**What is being asked:** Repeat every line of the data exactly, but not the pictures.

= = = = =

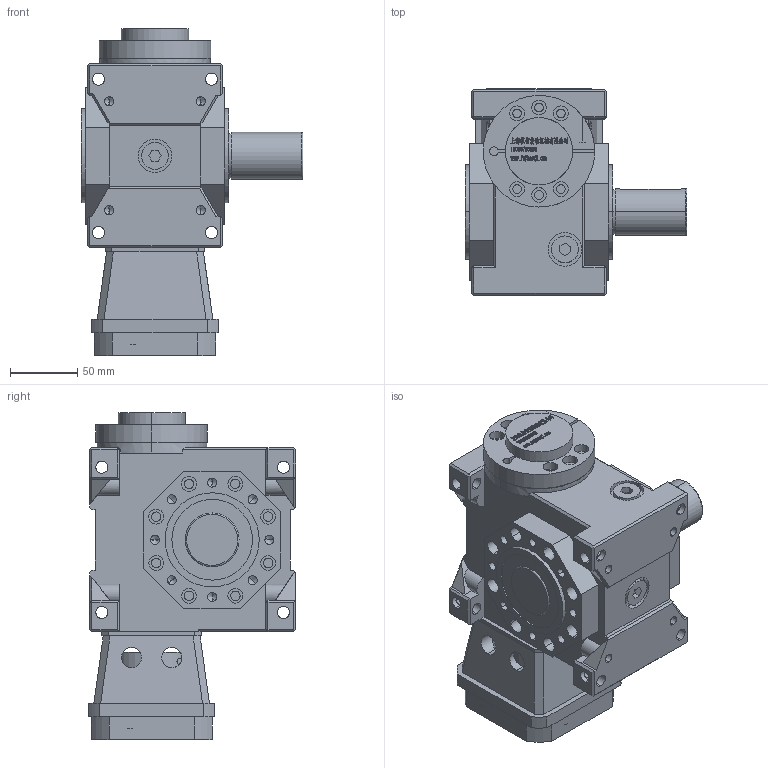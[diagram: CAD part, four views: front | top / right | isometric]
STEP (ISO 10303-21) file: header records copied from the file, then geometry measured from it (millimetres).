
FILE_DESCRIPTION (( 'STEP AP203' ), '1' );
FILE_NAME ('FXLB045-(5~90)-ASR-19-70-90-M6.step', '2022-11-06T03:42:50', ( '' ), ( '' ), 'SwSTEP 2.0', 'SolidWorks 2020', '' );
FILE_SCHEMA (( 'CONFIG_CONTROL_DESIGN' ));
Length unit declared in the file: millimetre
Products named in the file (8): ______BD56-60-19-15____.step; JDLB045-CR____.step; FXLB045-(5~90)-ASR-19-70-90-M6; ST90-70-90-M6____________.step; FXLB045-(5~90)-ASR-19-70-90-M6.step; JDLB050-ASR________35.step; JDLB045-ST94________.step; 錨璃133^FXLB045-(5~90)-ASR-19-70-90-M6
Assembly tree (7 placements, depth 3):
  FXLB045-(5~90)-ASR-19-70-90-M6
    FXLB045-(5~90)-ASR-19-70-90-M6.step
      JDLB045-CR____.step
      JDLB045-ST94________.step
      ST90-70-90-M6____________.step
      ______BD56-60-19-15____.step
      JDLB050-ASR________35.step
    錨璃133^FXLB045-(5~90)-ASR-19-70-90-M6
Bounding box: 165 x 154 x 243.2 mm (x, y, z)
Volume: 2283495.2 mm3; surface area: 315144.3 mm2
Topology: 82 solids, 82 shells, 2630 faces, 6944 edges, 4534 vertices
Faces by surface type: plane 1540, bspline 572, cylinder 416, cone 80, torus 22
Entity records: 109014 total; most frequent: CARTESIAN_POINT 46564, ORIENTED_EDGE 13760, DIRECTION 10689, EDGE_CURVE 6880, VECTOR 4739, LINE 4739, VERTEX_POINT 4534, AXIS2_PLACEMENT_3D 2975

= = = = =

**Response for this exercise:**
[diagram: CAD part, four views: front | top / right | isometric]
STEP (ISO 10303-21) file: header records copied from the file, then geometry measured from it (millimetres).
FILE_DESCRIPTION (( 'STEP AP203' ), '1' );
FILE_NAME ('FXLB045-(5~90)-ASR-19-70-90-M6.step', '2022-11-06T03:42:50', ( '' ), ( '' ), 'SwSTEP 2.0', 'SolidWorks 2020', '' );
FILE_SCHEMA (( 'CONFIG_CONTROL_DESIGN' ));
Length unit declared in the file: millimetre
Products named in the file (8): ______BD56-60-19-15____.step; JDLB045-CR____.step; FXLB045-(5~90)-ASR-19-70-90-M6; ST90-70-90-M6____________.step; FXLB045-(5~90)-ASR-19-70-90-M6.step; JDLB050-ASR________35.step; JDLB045-ST94________.step; 錨璃133^FXLB045-(5~90)-ASR-19-70-90-M6
Assembly tree (7 placements, depth 3):
  FXLB045-(5~90)-ASR-19-70-90-M6
    FXLB045-(5~90)-ASR-19-70-90-M6.step
      JDLB045-CR____.step
      JDLB045-ST94________.step
      ST90-70-90-M6____________.step
      ______BD56-60-19-15____.step
      JDLB050-ASR________35.step
    錨璃133^FXLB045-(5~90)-ASR-19-70-90-M6
Bounding box: 165 x 154 x 243.2 mm (x, y, z)
Volume: 2283495.2 mm3; surface area: 315144.3 mm2
Topology: 82 solids, 82 shells, 2630 faces, 6944 edges, 4534 vertices
Faces by surface type: plane 1540, bspline 572, cylinder 416, cone 80, torus 22
Entity records: 109014 total; most frequent: CARTESIAN_POINT 46564, ORIENTED_EDGE 13760, DIRECTION 10689, EDGE_CURVE 6880, VECTOR 4739, LINE 4739, VERTEX_POINT 4534, AXIS2_PLACEMENT_3D 2975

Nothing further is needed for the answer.